* _Task requirements_:
The required output is a word-for-word restatement of the material below, from the line with "Materials on its" through its last line, inclusive.

* _Supplied information_:
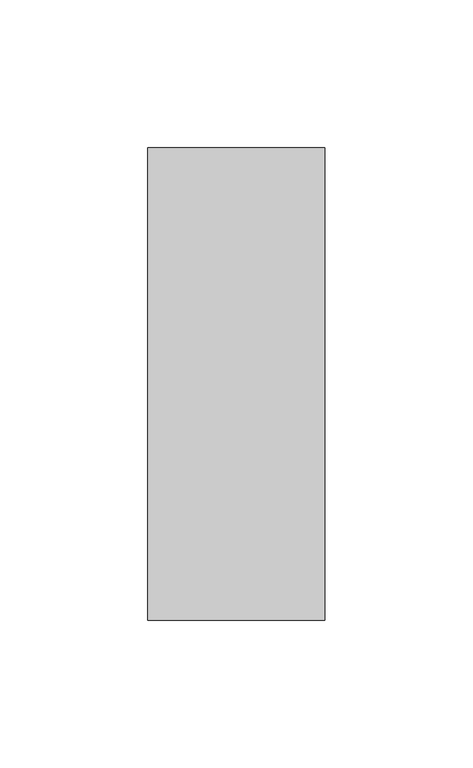
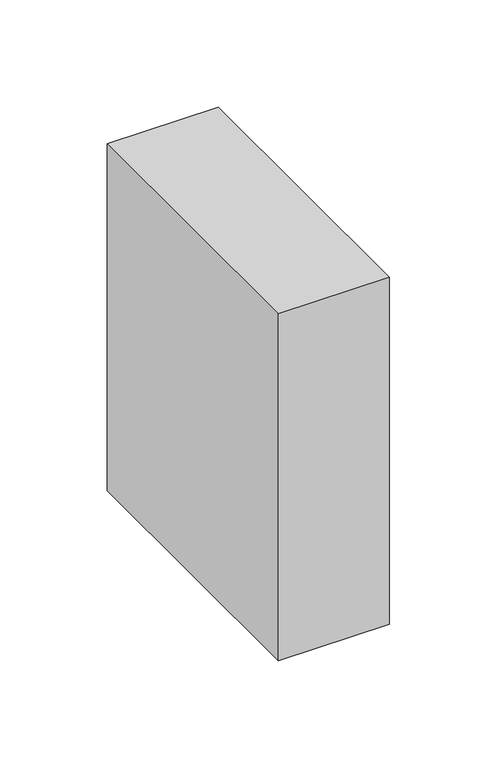
"""IFC4 building model written with IfcOpenShell, lengths in millimetres: column geometry, Madeira de lei-Coluna : Pontalete 6X16cm."""

from ifc_helpers import new_model, si_unit, frame, origin, place, context, project, spatial, polyline, outline, extrude, source, transform, mapped, element, save


def column_35730ad5(model_context):
    return source(origin(), model_context, "Body", "SweptSolid", [
        extrude(outline(polyline([(30.0, 80.0), (30.0, -80.0), (-30.0, -80.0), (-30.0, 80.0), (30.0, 80.0)])), frame((0.0, 0.0, 3110.0), z_axis=(0.0, 0.0, 1.0), x_axis=(1.0, 0.0, 0.0)), (0.0, 0.0, 1.0), 197.9),
    ])


if __name__ == "__main__":
    model = new_model("IFC4")
    model_context = context("Model", 3, world=origin())
    ifc_project = project(units=[si_unit("LENGTHUNIT", "METRE", prefix="MILLI")], contexts=[model_context])
    site = spatial("IfcSite", under=ifc_project)
    building = spatial("IfcBuilding", under=site)
    placement = place(None, origin())
    column_shape = column_35730ad5(model_context)
    element("IfcColumn", 1, ObjectType="Madeira de lei-Coluna : Pontalete 6X16cm", at=placement, inside=building, context=model_context, shape_type="MappedRepresentation", body=[
        mapped(column_shape, transform((0.0, 0.0, 0.0), x_axis=(1.0, 0.0, 0.0), y_axis=(0.0, 1.0, 0.0), z_axis=(0.0, 0.0, 1.0))),
    ])
    save(model, "model.ifc")

# Revit data of these elements
# Type "Madeira de lei-Coluna : Pontalete 6X16cm"
#   A = 0.01952 m²
#   b = 0.06 m
#   d = 0.16 m
#   Structural Material [instance default] = none
#   Assembly Code = ""
# Element 1 (IfcColumn, "Madeira de lei-Coluna : Pontalete 6X16cm")
#   Structural Material = .MADEIRAMENTO
#   Materials on its faces: ".MADEIRAMENTO"
# Materials
#   ".MADEIRAMENTO": class ".CC_MADEIRAS", colour RGB 212 179 113, transparency 0, Cost = 0

* _The completed task_:
#   Materials on its faces: ".MADEIRAMENTO"
# Materials
#   ".MADEIRAMENTO": class ".CC_MADEIRAS", colour RGB 212 179 113, transparency 0, Cost = 0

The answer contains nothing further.